I've been using my Galaxy S7 for 3 years now, and it's been great to me, but the microphone no longer works.  Callers can only hear me on speakerphone.  And yes, I've cleaned out the microphone hole.

For a replacement, I've been looking on eBay for NEW Galaxy S8 phones. They can be had for about $280 brand new shipped on eBay.  For that price, I'd get one and probably keep it for a year or longer, seeing there are more folding phones on the horizon

Is there any downside to getting an unlocked S8 phone for use on Verizon?  Such as any compatibility issues, updates, activation, etc.?  I know that the IMEI need to be "clean"


----------



## Space Lynx (Oct 21, 2019)

Sasqui said:


> I've been using my Galaxy S7 for 3 years now, and it's been great to me, but the microphone no longer works.  Callers can only hear me on speakerphone.  And yes, I've cleaned out the microphone hole.
> 
> For a replacement, I've been looking on eBay for NEW Galaxy S8 phones. They can be had for about $280 brand new shipped on eBay.  For that price, I'd get one and probably keep it for a year or longer, seeing there are more folding phones on the horizon
> 
> Is there any downside to getting an unlocked S8 phone for use on Verizon?  Such as any compatibility issues, updates, activation, etc.?  I know that the IMEI need to be "clean"
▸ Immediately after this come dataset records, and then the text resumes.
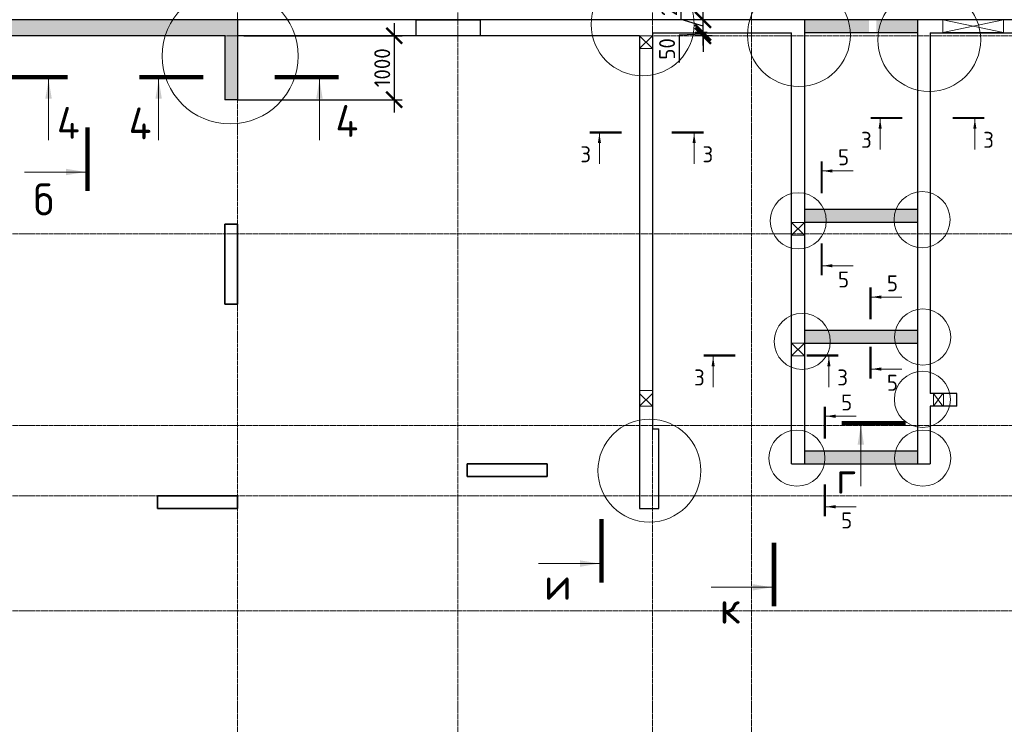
# Model space of a CAD drawing. Header units: millimetres. Extents: x 349531 to 1063351, y -131924 to 96186.
# Tile 65 of 230: x 454088 to 469511, y 28290 to 39321. Entities that reach past the tile are written whole.
import ezdxf

# ---------------------------------------------------------------- set-up
doc = ezdxf.new("R2010")
doc.units = ezdxf.units.MM
doc.linetypes.add('______5', pattern=[1100, 800, -100, 100, -100])
doc.linetypes.add('осевая', pattern=[50.8, 31.75, -6.35, 6.35, -6.35])
doc.layers.add('Колонна_ бетон', color=7, linetype='Continuous', lineweight=50, true_color=0xb4b496)
for name, color, linetype, lineweight in [('Конструкции 0.5', 5, 'Continuous', 50), ('Надписи', 200, 'Continuous', 18), ('Оси', 40, '______5', 18), ('размер', 1, 'Continuous', 25), ('РАЗМЕРЫ', 1, 'Continuous', 9), ('СТЕНЫ', 3, 'Continuous', 30), ('Узлы', 7, 'Continuous', 0)]:
    doc.layers.add(name, color=color, linetype=linetype, lineweight=lineweight)
doc.layers.add('Отверстия_ОВ', color=7, linetype='Continuous', plot=False)
doc.styles.add('GOST-2.304_Type-B', font='GOST_Common.ttf')
doc.dimstyles.new('СПДС', dxfattribs={"dimscale": 100, "dimtxt": 2.5, "dimasz": 2.5, "dimexe": 1.25, "dimexo": 0, "dimtad": 1, "dimdec": 0, "dimtxsty": 'GOST-2.304_Type-B', "dimblk": 'ARCHTICK', "dimcen": 2.5, "dimdle": 2, "dimadec": 0, "dimazin": 2, "dimtfac": 0.75, "dimtdec": 0, "dimtmove": 1, "dimatfit": 3, "dimfxl": 1, "dimtolj": 1, "dimarcsym": 1})
pattern_1 = [(0, (0, 65817.169), (0, 6.985), [5.08, -1.905]), (90, (0, 65817.169), (-6.985, 4e-16), [5.08, -1.905])]

# ---------------------------------------------------------------- blocks, each defined once
blk = doc.blocks.new('оси2')
at = {"layer": 'Оси', "color": 16, "linetype": 'осевая', "lineweight": 0, "transparency": 33554687}
for p, q in [((996995.5, 5465.4), (996995.5, -20739.3)), ((1000445.5, 5465.4), (1000445.5, -20739.3)), ((1003495.5, 5465.4), (1003495.5, -20739.3)), ((1005045.5, 5465.4), (1005045.5, -20739.3)), ((979200, 1707.1), (1032582.1, 1707.1)), ((979200, -1392.9), (1032582.1, -1392.9)), ((979200, -4392.9), (1032582.1, -4392.9)), ((979200, -5492.9), (1032582.1, -5492.9)), ((979200, -7292.9), (1032582.1, -7292.9))]:
    blk.add_line(p, q, dxfattribs=at)
blk = doc.blocks.new('_ArchTick')
at = {"color": 0, "linetype": 'ByBlock', "const_width": 0.15}
blk.add_lwpolyline([(-0.5, -0.5), (0.5, 0.5)], dxfattribs=at)
blk = doc.blocks.new('*D1587')
at = {"layer": 'DEFPOINTS', "color": 0, "transparency": 16777216}
for p in [(464792, 39319), (464856, 39319), (464856, 39119)]:
    blk.add_point(p, dxfattribs=at)
at = {"layer": 'размер', "color": 0, "lineweight": -2, "transparency": 16777216}
for p, q in [((464448, 39322), (464448, 39922)), ((464792, 38919), (464792, 39519)), ((464792, 39219), (464448, 39322)), ((464856, 39319), (464667, 39319)), ((464856, 39119), (464667, 39119))]:
    blk.add_line(p, q, dxfattribs=at)
at = {"layer": 'размер', "color": 0, "lineweight": -2, "transparency": 16777216, "xscale": 250, "yscale": 250, "zscale": 250}
for p, rotation in [((464792, 39319), 90), ((464792, 39119), 270)]:
    blk.add_blockref('_ArchTick', p, dxfattribs=dict(at, rotation=rotation))
at = {"layer": 'размер', "color": 0, "transparency": 16777216, "insert": (464261, 39622), "char_height": 250, "attachment_point": 5, "rotation": 90, "style": 'GOST-2.304_Type-B'}
blk.add_mtext('\\A1;200', dxfattribs=at)
blk = doc.blocks.new('стены техподполья')
at = {"layer": 'Колонна_ бетон', "color": 180, "linetype": 'Continuous', "lineweight": 35, "transparency": 33554687}
for p, q in [((470086, -3594), (470086, -3594)), ((470086, -4844), (470086, -3594)), ((470286, -3594), (470086, -3594)), ((470286, -3594), (470286, -3594)), ((470286, -3594), (470286, -4844)), ((470086, -4844), (470086, -4844)), ((470086, -4844), (470286, -4844)), ((470286, -4844), (470286, -4844)), ((473886, -7544), (473886, -7344)), ((473886, -7344), (473886, -7344)), ((475136, -7344), (473886, -7344)), ((475136, -7344), (475136, -7344)), ((475136, -7544), (475136, -7344)), ((473886, -7544), (475136, -7544)), ((473886, -7544), (473886, -7544)), ((475136, -7544), (475136, -7544)), ((469036, -7844), (469036, -7844)), ((469036, -8044), (469036, -7844)), ((469036, -7844), (470286, -7844)), ((470286, -7844), (470286, -7844)), ((470286, -7844), (470286, -8044)), ((469036, -8044), (470286, -8044)), ((469036, -8044), (469036, -8044)), ((470286, -8044), (470286, -8044))]:
    blk.add_line(p, q, dxfattribs=at)
at = {"layer": 'СТЕНЫ', "linetype": 'Continuous', "transparency": 33554687}
for p, q in [((503986, -394), (456436, -394)), ((470286, -394), (470286, -1644)), ((470286, -394), (470286, -394)), ((479166, -394), (479166, -7344)), ((479166, -394), (479166, -394)), ((480936, -394), (480936, -7344)), ((480936, -394), (480936, -394)), ((476786, -594), (476786, -6794)), ((476786, -594), (476786, -594)), ((476786, -594), (478966, -594)), ((478966, -7344), (478966, -594)), ((478966, -594), (478966, -594)), ((479166, -594), (479166, -594)), ((480936, -594), (479166, -594)), ((480936, -594), (480936, -594)), ((481136, -594), (483736, -594)), ((481136, -594), (481136, -594)), ((481136, -594), (481136, -6244)), ((470086, -644), (465686, -644)), ((470086, -644), (470086, -644)), ((470086, -644), (470086, -1644)), ((470286, -644), (470286, -644)), ((476586, -644), (470286, -644)), ((476586, -644), (476586, -644)), ((476586, -644), (476586, -8044)), ((470086, -1644), (470086, -1644)), ((470286, -1644), (470086, -1644)), ((470286, -1644), (470286, -1644)), ((479166, -3364), (479166, -3364)), ((480936, -3364), (479166, -3364)), ((480936, -3364), (480936, -3364)), ((480936, -3564), (479166, -3564)), ((479166, -3564), (479166, -3564)), ((480936, -3564), (480936, -3564)), ((479166, -5254), (480936, -5254)), ((479166, -5254), (479166, -5254)), ((480936, -5254), (480936, -5254)), ((479166, -5454), (479166, -5454)), ((479166, -5454), (480936, -5454)), ((480936, -5454), (480936, -5454)), ((481136, -6244), (481136, -6244)), ((481556, -6244), (481136, -6244)), ((481556, -6244), (481556, -6244)), ((481556, -6444), (481556, -6244)), ((481136, -6444), (481136, -6444)), ((481136, -6444), (481136, -7344)), ((481556, -6444), (481136, -6444)), ((481556, -6444), (481556, -6444)), ((476786, -6794), (476886, -6794)), ((476786, -6794), (476786, -6794)), ((476886, -6794), (476886, -6794)), ((476886, -8044), (476886, -6794)), ((479166, -7144), (479166, -7144)), ((480936, -7144), (479166, -7144)), ((480936, -7144), (480936, -7144)), ((478966, -7344), (478966, -7344)), ((478966, -7344), (481136, -7344)), ((479166, -7344), (479166, -7344)), ((480936, -7344), (480936, -7344)), ((481136, -7344), (481136, -7344)), ((476586, -8044), (476586, -8044)), ((476586, -8044), (476886, -8044)), ((476886, -8044), (476886, -8044))]:
    blk.add_line(p, q, dxfattribs=at)
blk = doc.blocks.new('*D1600')
at = {"layer": 'DEFPOINTS', "color": 0, "transparency": 16777216}
for p in [(464792, 39069), (464856, 39119, 160), (464937, 39069, -200)]:
    blk.add_point(p, dxfattribs=at)
at = {"layer": 'размер', "color": 0, "lineweight": -2, "transparency": 16777216}
for p, q in [((464792, 39119), (464792, 39369)), ((464792, 39094), (464416, 39077)), ((464416, 39077), (464416, 38652)), ((464856, 39119), (464667, 39119)), ((464937, 39069), (464667, 39069)), ((464792, 39119), (464792, 39069)), ((464792, 39119), (464792, 39069)), ((464792, 39069), (464792, 38819))]:
    blk.add_line(p, q, dxfattribs=at)
at = {"layer": 'размер', "color": 0, "lineweight": -2, "transparency": 16777216, "xscale": 250, "yscale": 250, "zscale": 250}
for p, rotation in [((464792, 39119), 270), ((464792, 39069), 90)]:
    blk.add_blockref('_ArchTick', p, dxfattribs=dict(at, rotation=rotation))
at = {"layer": 'размер', "color": 0, "transparency": 16777216, "insert": (464229, 38864), "char_height": 250, "attachment_point": 5, "rotation": 90, "style": 'GOST-2.304_Type-B'}
blk.add_mtext('\\A1;50', dxfattribs=at)
blk = doc.blocks.new('*D1599')
at = {"layer": 'DEFPOINTS', "color": 0, "transparency": 16777216}
for p in [(457601, 39069, -200), (457499, 38069, 160), (459954, 38069)]:
    blk.add_point(p, dxfattribs=at)
at = {"layer": 'размер', "color": 0, "lineweight": -2, "transparency": 16777216}
for p, q in [((459954, 39269), (459954, 37869)), ((457601, 39069), (460079, 39069)), ((457499, 38069), (460079, 38069))]:
    blk.add_line(p, q, dxfattribs=at)
at = {"layer": 'размер', "color": 0, "lineweight": -2, "transparency": 16777216, "xscale": 250, "yscale": 250, "zscale": 250}
for p, rotation in [((459954, 39069), 90), ((459954, 38069), 270)]:
    blk.add_blockref('_ArchTick', p, dxfattribs=dict(at, rotation=rotation))
at = {"layer": 'размер', "color": 0, "transparency": 16777216, "insert": (459767, 38569), "char_height": 250, "attachment_point": 5, "rotation": 90, "style": 'GOST-2.304_Type-B'}
blk.add_mtext('\\A1;1000', dxfattribs=at)

msp = doc.modelspace()

# ---------------------------------------------------------------- hatches: boundary and pattern name
at = {"layer": 'размер', "transparency": 33554648}
h = msp.add_hatch(dxfattribs=at)
h.set_pattern_fill('ANGLE', color=1)
h.set_pattern_definition([(0, (6e-11, 65815.9686), (0, 6.985), [5.08, -1.905]), (90, (6e-11, 65815.9686), (-6.985, 4e-16), [5.08, -1.905])])
h.paths.add_polyline_path([(456454.1, 39318.5), (453841.1, 39318.5, -0.0492071), (453901.6, 39118.5), (456368.6, 39118.5, -0.0512308)])
h.paths.add_polyline_path([(457499.1, 39318.5), (456454.1, 39318.5, 0.0512308), (456368.6, 39118.5), (457499.1, 39118.5)])
h.paths.add_polyline_path([(457499.1, 39118.5), (456368.6, 39118.5, 0.0122141), (456354.4, 39068.5), (457299.1, 39068.5), (457299.3, 39068.5), (457299.3, 38068.5), (457499.1, 38068.5)])
h.paths.add_polyline_path([(456368.6, 39118.5), (453901.6, 39118.5, -0.0119232), (453910.2, 39068.5), (456354.4, 39068.5, -0.0122141)])
h.paths.add_polyline_path([(453841.1, 39318.5), (452899.2, 39318.5), (452899.2, 39118.5), (453901.6, 39118.5, 0.0492071)])
h.paths.add_polyline_path([(453901.6, 39118.5), (452899.2, 39118.5), (452899.2, 39068.5), (453910.2, 39068.5, 0.0119232)])
h.paths.add_polyline_path([(452899.2, 39318.5), (452699.3, 39318.5), (452699.3, 39118.5), (452899.2, 39118.5)])
h.paths.add_polyline_path([(452899.1, 39068.5), (452899.1, 39118.5), (452699.3, 39118.5), (452699.3, 38068.5), (452899.1, 38068.5)])
h = msp.add_hatch(dxfattribs=at)
h.set_pattern_fill('ANGLE', color=1)
h.set_pattern_definition([(0, (0, 65817.015), (0, 6.985), [5.08, -1.905]), (90, (0, 65817.015), (-6.985, 4e-16), [5.08, -1.905])])
h.paths.add_polyline_path([(468149.1, 39319.6), (467573, 39319.6, 0.0636254), (467531.1, 39119.6), (468149.1, 39119.6)])
h.paths.add_polyline_path([(467077.6, 39319.6), (466379.3, 39319.6), (466379.3, 39119.6), (467099.6, 39119.6, 0.0039429), (467099.7, 39132.3, 0.0586788)])
edge = h.paths.add_edge_path()
edge.add_line((467393.8, 39119.6), (467393.8, 39318.5))
edge.add_line((467393.8, 39318.5), (467503.8, 39318.5))
edge.add_line((467503.8, 39318.5), (467503.8, 39119.6))
edge.add_line((467503.8, 39119.6), (467531.1, 39119.6))
edge.add_arc((468334.7, 39055.4), 806.2, 160.87042, 175.43267, ccw=False)
edge.add_line((467573, 39319.6), (467077.6, 39319.6))
edge.add_arc((466293.5, 39132.3), 806.2, 0, 13.43278, ccw=False)
edge.add_arc((466293.5, 39132.3), 806.2, 359.09637, 360, ccw=False)
edge.add_line((467099.6, 39119.6), (467393.8, 39119.6))
h = msp.add_hatch(dxfattribs=at)
h.set_pattern_fill('ANGLE', color=1)
h.set_pattern_definition(pattern_1)
h.paths.add_polyline_path([(467797.3, 36349.7), (466704.6, 36349.7, -0.0730536), (466723.1, 36223.4, -0.0420999), (466716.9, 36149.7), (467793.5, 36149.7, -0.0527689), (467783.8, 36241.7, -0.0621567)])
h.paths.add_polyline_path([(468149.1, 36349.7), (467797.3, 36349.7, 0.0621567), (467783.8, 36241.7, 0.0527689), (467793.5, 36149.7), (468149.1, 36149.7)])
h.paths.add_polyline_path([(466704.6, 36349.7), (466379.3, 36349.7), (466379.3, 36149.7), (466716.9, 36149.7, 0.0420999), (466723.1, 36223.4, 0.0730536)])
h = msp.add_hatch(dxfattribs=at)
h.set_pattern_fill('ANGLE', color=1)
h.set_pattern_definition([(0, (6e-11, 65816.1474), (0, 6.985), [5.08, -1.905]), (90, (6e-11, 65816.1474), (-6.985, 4e-16), [5.08, -1.905])])
h.paths.add_polyline_path([(468149.1, 34458.7), (467796.5, 34458.7, 0.0317132), (467793, 34403.1, 0.0839048), (467817.4, 34258.7), (468149.1, 34258.7)])
h.paths.add_polyline_path([(467793, 34403.1, -0.0317132), (467796.5, 34458.7), (466766.9, 34458.7, -0.0719225), (466784.9, 34334.2, -0.0431961), (466778.3, 34258.7), (467817.4, 34258.7, -0.0839048)])
h.paths.add_polyline_path([(466766.9, 34458.7), (466379.3, 34458.7), (466379.3, 34258.7), (466778.3, 34258.7, 0.0431961), (466784.9, 34334.2, 0.0719225)])
h = msp.add_hatch(dxfattribs=at)
h.set_pattern_fill('ANGLE', color=1)
h.set_pattern_definition(pattern_1)
h.paths.add_polyline_path([(466702, 32507.8, 0.0353539), (466697.6, 32569.7), (466379.3, 32569.7), (466379.3, 32369.7), (466679.7, 32369.7, 0.0800733)])
h.paths.add_polyline_path([(467793, 32507.8, -0.0353787), (467797.4, 32569.7), (466697.6, 32569.7, -0.0353539), (466702, 32507.8, -0.0800733), (466679.7, 32369.7), (467815.2, 32369.7, -0.0800473)])
h.paths.add_polyline_path([(468149.1, 32569.7), (467797.4, 32569.7, 0.0353787), (467793, 32507.8, 0.0800473), (467815.2, 32369.7), (468149.1, 32369.7)])

# ---------------------------------------------------------------- linework, layer by layer
at = {"layer": 'Надписи', "color": 0}
for centre, radius in [((463846, 39248.3, 360), 806.2), ((457384.8, 38752.6, 720), 1064.1), ((466293.5, 39081.3, 560), 806.2), ((468334.7, 39004.3, 360), 806.2), ((466283.6, 36172.2, 360), 439.5), ((468223.3, 36190.5, 360), 439.5), ((466345.4, 34284, 360), 439.5), ((468232.5, 34353, 360), 439.5), ((468227.9, 33377.3), 439.5), ((463952.4, 32261.3, 360), 806.2), ((466262.5, 32456.6, 720), 439.5), ((468232.5, 32456.6, 360), 439.5)]:
    msp.add_circle(centre, radius, dxfattribs=at)
at = {"layer": 'Отверстия_ОВ', "color": 20, "lineweight": 20, "true_color": 0xff2300}
for points, elevation in [([(463799.1, 38868.5), (463799.1, 39068.5), (463999.1, 39068.5), (463999.1, 38868.5)], 160), ([(463798.8, 33268.3), (463798.8, 33518.3), (463998.8, 33518.3), (463998.8, 33268.3)], 320)]:
    msp.add_lwpolyline(points, close=True, dxfattribs=dict(at, elevation=elevation))
at = {"layer": 'размер'}
msp.add_lwpolyline([(460299.1, 39318.5), (461299.1, 39318.5), (461299.1, 39068.5), (460299.1, 39068.5)], close=True, dxfattribs=at)
at = {"layer": 'РАЗМЕРЫ', "color": 1}
for points in [[(469499.1, 39318.5), (468549.1, 39118.5), (468549.1, 39318.5), (469499.1, 39318.5), (469499.1, 39118.5), (468549.1, 39118.5), (469499.1, 39118.5), (469499.1, 39118.5), (468549.1, 39318.5)], [(463799.1, 39068.5), (463999.1, 38868.5)], [(468399.8, 33468.5), (468549.8, 33268.5)], [(468399.8, 33268.5), (468549.8, 33468.5)], [(468769.1, 33268.5), (468769.1, 33468.5)]]:
    msp.add_lwpolyline(points, dxfattribs=at)
for points, elevation in [([(463799.5, 39068.5), (463999.5, 39068.5), (463999.1, 38868.5), (463799.1, 38868.5)], 160), ([(463799.1, 33518.3), (463999.1, 33518.3), (463998.8, 33268.3), (463798.8, 33268.3)], 320)]:
    msp.add_lwpolyline(points, close=True, dxfattribs=dict(at, elevation=elevation))
for points, elevation in [([(463799.1, 38868.9), (463999.5, 39068.5)], 160), ([(466324.1, 36148.5), (466379.1, 36148.5), (466379.1, 35948.5), (466179.1, 35948.5), (466179.1, 36148.5), (466379.1, 36148.5), (466179.1, 35948.5), (466179.1, 36148.5), (466379.1, 35948.5)], 160), ([(466324.1, 34258.5), (466379.1, 34258.5), (466379.1, 34058.5), (466179.1, 34058.5), (466179.1, 34258.5), (466379.1, 34258.5), (466179.1, 34058.5), (466179.1, 34258.5), (466379.1, 34058.5)], 160), ([(463798.8, 33468.3), (463998.8, 33268.3)], 160), ([(463798.8, 33268.7), (463999.1, 33468.3)], 320), ([(468769.1, 33268.5), (468769.1, 33468.5)], 160)]:
    msp.add_lwpolyline(points, dxfattribs=dict(at, elevation=elevation))
msp.add_lwpolyline([(468399.8, 33268.5), (468559.1, 33268.5), (468559.1, 33468.5), (468399.8, 33468.5)], close=True, dxfattribs=at)
at = {"layer": 'Узлы', "color": 1, "linetype": 'Continuous', "lineweight": 0}
for p, q in [((454540.6, 38385.4, 360), (454540.6, 37435.4, 360)), ((456264.7, 38385.4, 360), (456264.7, 37435.4, 360)), ((458783.7, 38385.4, 360), (458783.7, 37435.4, 360)), ((467565.9, 37764.8, 720), (467565.9, 37289.8, 720)), ((469049.8, 37764.8, 720), (469049.8, 37289.8, 720)), ((463168.6, 37538.5, 720), (463168.6, 37063.5, 720)), ((464652.5, 37538.5, 720), (464652.5, 37063.5, 720)), ((455115.3, 36936.7), (454165.3, 36936.7)), ((466667.9, 36952.7, 720), (467142.9, 36952.7, 720)), ((466667.9, 35468.7, 720), (467142.9, 35468.7, 720)), ((467433, 34978.8, 720), (467908, 34978.8, 720)), ((464950.1, 34044.6, 720), (464950.1, 33569.6, 720)), ((466763.1, 34044.6, 720), (466763.1, 33569.6, 720)), ((467433, 33851.6, 720), (467908, 33851.6, 720)), ((466716.7, 33113, 720), (467191.7, 33113, 720)), ((467263.6, 32968.8, 720), (467263.6, 32018.8, 720)), ((466716.7, 31696, 720), (467191.7, 31696, 720)), ((463167, 30806.3, 160), (462217, 30806.3, 160)), ((465868.9, 30434.5, 160), (464918.9, 30434.5, 160))]:
    msp.add_line(p, q, dxfattribs=at)
for points, const_width, elevation in [([(454840.6, 38420.4), (453840.6, 38420.4)], 70, 360), ([(455964.7, 38420.4), (456964.7, 38420.4)], 70, 360), ([(459083.7, 38420.4), (458083.7, 38420.4)], 70, 360), ([(467415.9, 37782.3), (467915.9, 37782.3)], 35, 720), ([(469199.8, 37782.3), (468699.8, 37782.3)], 35, 720), ([(463018.6, 37556), (463518.6, 37556)], 35, 720), ([(464802.5, 37556), (464302.5, 37556)], 35, 720), ([(466650.4, 37102.7), (466650.4, 36602.7)], 35, 720), ([(466650.4, 35318.7), (466650.4, 35818.7)], 35, 720), ([(467415.5, 35128.8), (467415.5, 34628.8)], 35, 720), ([(467415.5, 33701.6), (467415.5, 34201.6)], 35, 720), ([(464800.1, 34062.1), (465300.1, 34062.1)], 35, 720), ([(466913.1, 34062.1), (466413.1, 34062.1)], 35, 720), ([(466699.2, 33263), (466699.2, 32763)], 35, 720), ([(466963.6, 33003.8), (467963.6, 33003.8)], 70, 720), ([(466699.2, 31546), (466699.2, 32046)], 35, 720), ([(463202, 30506.3), (463202, 31506.3)], 70, 160), ([(465903.9, 30134.5), (465903.9, 31134.5)], 70, 160)]:
    msp.add_lwpolyline(points, dxfattribs=dict(at, const_width=const_width, elevation=elevation))
at = {"layer": 'Узлы', "color": 1, "linetype": 'Continuous', "lineweight": 0, "const_width": 70}
msp.add_lwpolyline([(455150.3, 36636.7), (455150.3, 37636.7)], dxfattribs=at)
at = {"layer": 'Узлы', "color": 1, "linetype": 'Continuous', "lineweight": 0}
for points in [[(454540.6, 38385.4, 360), (454490.3, 38084.9, 360), (454590.9, 38084.9, 360)], [(456264.7, 38385.4, 360), (456214.4, 38084.9, 360), (456315, 38084.9, 360)], [(458783.7, 38385.4, 360), (458733.4, 38084.9, 360), (458834, 38084.9, 360)], [(467565.9, 37764.8, 720), (467540.7, 37614.6, 720), (467591, 37614.6, 720)], [(469049.8, 37764.8, 720), (469024.7, 37614.6, 720), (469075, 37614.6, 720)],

you would be better off getting a Nokia 7.2, it gets 2 years of OS updates and 3 years of security updates monthly... around same price

if you must absolutely have OLED then you should get the Samsung Galaxy A50 released earlier this year, around $250... it also gets monthly security updates, etc.  S8 is outdated and can't compete even speed wise with A50... plus the battery will be fresh on these two newer phones.


----------



## Sasqui (Oct 21, 2019)

lynx29 said:


> if you must absolutely have OLED then you should get the Samsung Galaxy A50 released earlier this year, around $250... it also gets monthly security updates, etc. S8 is outdated and can't compete even speed wise with A50... plus the battery will be fresh on these two newer phones.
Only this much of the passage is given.